▸ **Exercise aim**: Only the lines from the line containing "for s, p in" to the end of the records, both included, belong in the answer, copied exactly.

Material to process: Begin

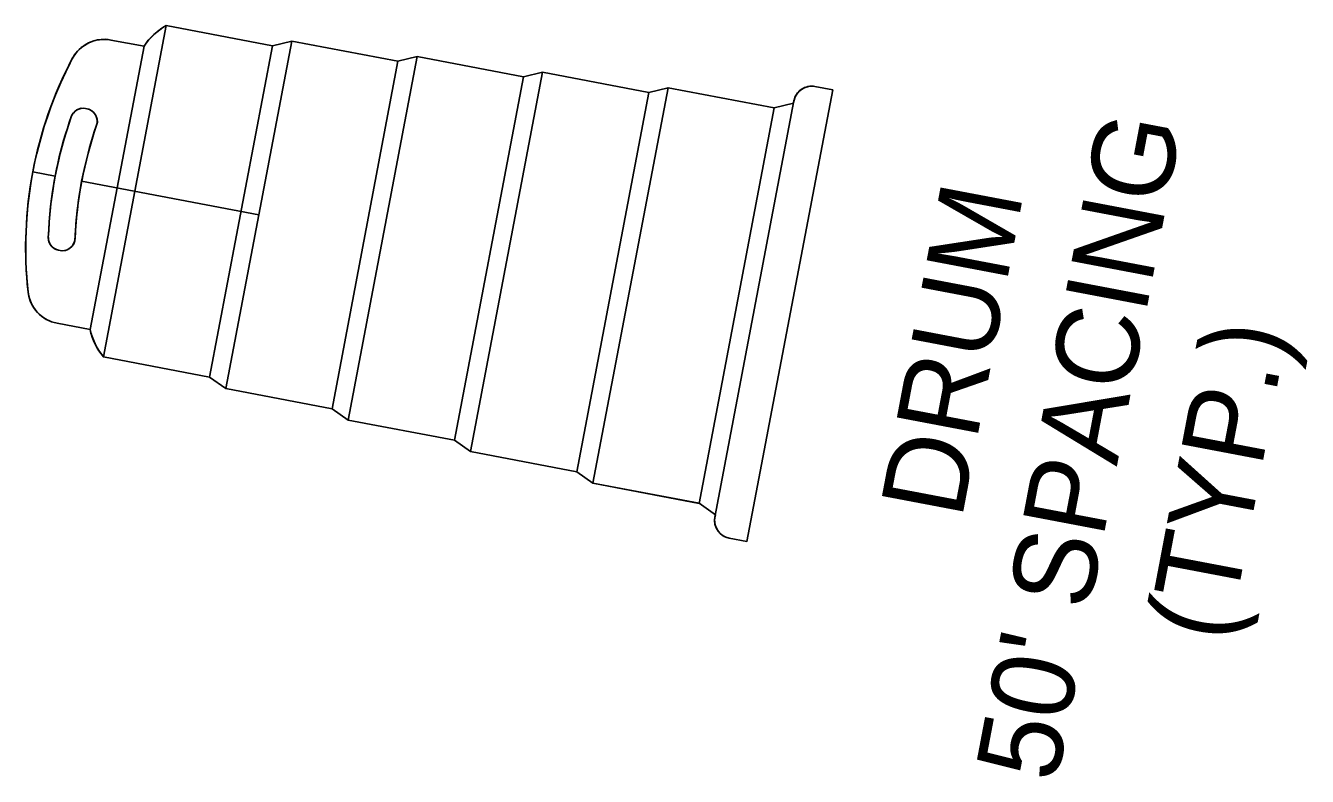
# Model space of a CAD drawing. Extents: x 1615680 to 1619687, y 899305 to 902270.
# Drawn here: x 1619101.4 to 1619194.3, y 901392.1 to 901446.5 of the extents above; entities that cross this region are included whole.
import ezdxf

# ---------------------------------------------------------------- set-up
doc = ezdxf.new("R2010")
doc.units = 0
doc.layers.add('DEV TYPE 3 BARRICADE CELL', color=7, linetype='Continuous')
doc.layers.add('Scratch_Level_5', color=7, linetype='Continuous')

msp = doc.modelspace()

# ---------------------------------------------------------------- linework, layer by layer
at = {"layer": 'Scratch_Level_5'}
for p, q in [((1619107.057, 901422.523), (1619111.615, 901446.526)), ((1619111.615, 901446.526), (1619119.311, 901445.065)), ((1619110.002, 901445.031), (1619107.603, 901445.486)), ((1619115.926, 901420.237), (1619120.705, 901445.403)), ((1619119.311, 901445.065), (1619120.705, 901445.403)), ((1619120.705, 901445.403), (1619128.401, 901443.941)), ((1619106.105, 901424.506), (1619110.002, 901445.031)), ((1619114.754, 901421.062), (1619119.311, 901445.065)), ((1619123.623, 901418.776), (1619128.401, 901443.941)), ((1619124.796, 901417.951), (1619129.794, 901444.279)), ((1619128.401, 901443.941), (1619129.794, 901444.279)), ((1619129.794, 901444.279), (1619137.491, 901442.817)), ((1619132.492, 901416.49), (1619137.491, 901442.817)), ((1619133.665, 901415.665), (1619138.884, 901443.155)), ((1619137.491, 901442.817), (1619138.884, 901443.155)), ((1619138.884, 901443.155), (1619146.581, 901441.693)), ((1619141.362, 901414.204), (1619146.581, 901441.693)), ((1619142.534, 901413.379), (1619147.974, 901442.031)), ((1619146.581, 901441.693), (1619147.974, 901442.031)), ((1619147.974, 901442.031), (1619155.671, 901440.57)), ((1619153.693, 901409.155), (1619159.905, 901441.871)), ((1619159.905, 901441.871), (1619158.623, 901442.115)), ((1619151.371, 901410.925), (1619157.096, 901441.076)), ((1619155.671, 901440.57), (1619157.064, 901440.907)), ((1619105.865, 901440.5), (1619105.757, 901440.521)), ((1619150.231, 901411.918), (1619155.671, 901440.57)), ((1619103.917, 901430.238), (1619103.808, 901430.258)), ((1619106.105, 901424.506), (1619103.706, 901424.961)), ((1619107.057, 901422.523), (1619114.754, 901421.062)), ((1619114.754, 901421.062), (1619115.926, 901420.237)), ((1619115.926, 901420.237), (1619123.623, 901418.776)), ((1619123.623, 901418.776), (1619124.796, 901417.951)), ((1619124.796, 901417.951), (1619132.492, 901416.49)), ((1619132.492, 901416.49), (1619133.665, 901415.665)), ((1619133.665, 901415.665), (1619141.362, 901414.204)), ((1619141.362, 901414.204), (1619142.534, 901413.379)), ((1619142.534, 901413.379), (1619150.231, 901411.918)), ((1619150.24, 901411.923), (1619151.403, 901411.093)), ((1619153.693, 901409.155), (1619152.411, 901409.398))]:
    msp.add_line(p, q, dxfattribs=at)
for points in [[(1619120.705, 901445.403), (1619118.316, 901432.82), (1619105.481, 901435.257), (1619105.699, 901436.334), (1619105.898, 901437.068), (1619106.057, 901437.704), (1619106.227, 901438.242), (1619106.396, 901438.828), (1619106.56, 901439.306), (1619106.618, 901439.539), (1619106.61, 901439.753), (1619106.515, 901440.012), (1619106.362, 901440.225), (1619106.18, 901440.385), (1619105.995, 901440.478), (1619105.757, 901440.521), (1619105.456, 901440.542), (1619105.176, 901440.44), (1619105.012, 901440.336), (1619104.879, 901440.197), (1619104.789, 901440.079), (1619104.724, 901439.927), (1619104.584, 901439.51), (1619104.445, 901439.082), (1619104.315, 901438.653), (1619104.175, 901438.216), (1619104.028, 901437.645), (1619103.862, 901437.03), (1619103.752, 901436.549), (1619103.663, 901436.131), (1619103.564, 901435.622), (1619101.946, 901435.929), (1619102.096, 901436.679), (1619102.236, 901437.261), (1619102.438, 901438.073), (1619102.591, 901438.623), (1619102.775, 901439.235), (1619102.993, 901439.928), (1619103.279, 901440.723), (1619103.582, 901441.506), (1619103.968, 901442.418), (1619104.325, 901443.181), (1619104.643, 901443.835), (1619104.804, 901444.134), (1619104.964, 901444.411), (1619105.178, 901444.67), (1619105.441, 901444.939), (1619105.684, 901445.096), (1619105.989, 901445.279), (1619106.282, 901445.397), (1619106.618, 901445.488), (1619106.906, 901445.53), (1619107.235, 901445.535), (1619107.49, 901445.506), (1619107.603, 901445.486), (1619110.002, 901445.031), (1619110.312, 901445.463), (1619110.507, 901445.677), (1619110.73, 901445.886), (1619110.975, 901446.109), (1619111.3, 901446.347), (1619111.485, 901446.457), (1619111.615, 901446.526), (1619119.311, 901445.065)], [(1619123.623, 901418.776), (1619128.401, 901443.941), (1619129.794, 901444.279), (1619137.491, 901442.817), (1619138.884, 901443.155), (1619133.665, 901415.665), (1619132.492, 901416.49), (1619124.796, 901417.951)], [(1619141.362, 901414.204), (1619146.581, 901441.693), (1619147.974, 901442.031), (1619155.671, 901440.57), (1619157.064, 901440.907), (1619157.128, 901441.228), (1619157.21, 901441.416), (1619157.354, 901441.638), (1619157.531, 901441.836), (1619157.69, 901441.945), (1619157.904, 901442.052), (1619158.148, 901442.117), (1619158.336, 901442.136), (1619158.504, 901442.141), (1619158.623, 901442.115), (1619159.905, 901441.871), (1619153.693, 901409.155), (1619152.411, 901409.398), (1619152.231, 901409.444), (1619152.034, 901409.528), (1619151.862, 901409.644), (1619151.72, 901409.772), (1619151.614, 901409.894), (1619151.478, 901410.105), (1619151.401, 901410.332), (1619151.354, 901410.572), (1619151.344, 901410.713), (1619151.371, 901410.925), (1619151.403, 901411.093), (1619150.24, 901411.923), (1619142.534, 901413.379)], [(1619115.926, 901420.237), (1619118.316, 901432.82), (1619105.481, 901435.257), (1619105.363, 901434.634), (1619105.298, 901434.15), (1619105.225, 901433.668), (1619105.164, 901433.146), (1619105.103, 901432.577), (1619105.058, 901431.995), (1619105.013, 901431.367), (1619104.989, 901430.941), (1619104.91, 901430.721), (1619104.781, 901430.54), (1619104.601, 901430.377), (1619104.425, 901430.289), (1619104.227, 901430.233), (1619104.047, 901430.22), (1619103.694, 901430.287), (1619103.513, 901430.369), (1619103.318, 901430.527), (1619103.177, 901430.723), (1619103.077, 901430.985), (1619103.065, 901431.189), (1619103.094, 901431.665), (1619103.131, 901432.305), (1619103.25, 901433.621), (1619103.38, 901434.552), (1619103.494, 901435.251), (1619103.564, 901435.622), (1619101.946, 901435.929), (1619101.819, 901435.26), (1619101.691, 901434.386), (1619101.579, 901433.498), (1619101.501, 901432.549), (1619101.45, 901431.64), (1619101.421, 901430.644), (1619101.437, 901429.498), (1619101.467, 901428.818), (1619101.548, 901427.717), (1619101.597, 901427.245), (1619101.644, 901426.94), (1619101.749, 901426.602), (1619101.893, 901426.275), (1619102.158, 901425.897), (1619102.413, 901425.614), (1619102.673, 901425.405), (1619102.975, 901425.217), (1619103.285, 901425.074), (1619103.706, 901424.961), (1619106.105, 901424.506), (1619106.155, 901424.257), (1619106.237, 901423.998), (1619106.375, 901423.644), (1619106.543, 901423.294), (1619106.719, 901422.989), (1619107.057, 901422.523), (1619114.754, 901421.062)]]:
    msp.add_lwpolyline(points, close=True, dxfattribs=at)
for centre, radius, start, end in [((1619113.785, 901442.569), 4.514, 118.73583, 146.94336), ((1619107.116, 901442.921), 2.611, 79.24937, 152.30015), ((1619130.909, 901430.429), 29.485, 152.30015, 186.19859), ((1619158.379, 901440.832), 1.306, 79.24937, 169.24937), ((1619132.531, 901430.121), 29.485, 160.57536, 177.92338), ((1619105.586, 901439.623), 0.914, 79.24937, 160.57536), ((1619105.695, 901439.602), 0.914, 341.10062, 79.24937), ((1619134.455, 901429.756), 29.485, 161.10062, 177.39812), ((1619103.979, 901431.156), 0.914, 177.92338, 259.24937), ((1619104.087, 901431.136), 0.914, 259.24937, 357.39812), ((1619104.193, 901427.527), 2.611, 186.19859, 259.24937), ((1619110.527, 901425.41), 4.514, 191.55539, 219.76292), ((1619152.654, 901410.681), 1.306, 169.24937, 259.24937)]:
    msp.add_arc(centre, radius, start, end, dxfattribs=at)

# ---------------------------------------------------------------- texts
at = {"layer": 'DEV TYPE 3 BARRICADE CELL'}
for s, p in [("50' SPACING", (1619176.132, 901391.581)), ('DRUM', (1619169.248, 901410.686)), ('(TYP.)', (1619188.57, 901401.725))]:
    msp.add_text(s, height=6, rotation=79.24937, dxfattribs=at).set_placement(p)

doc.saveas('drawing.dxf')

Material to process: End

▸ **Output of the task**:
for s, p in [("50' SPACING", (1619176.132, 901391.581)), ('DRUM', (1619169.248, 901410.686)), ('(TYP.)', (1619188.57, 901401.725))]:
    msp.add_text(s, height=6, rotation=79.24937, dxfattribs=at).set_placement(p)

doc.saveas('drawing.dxf')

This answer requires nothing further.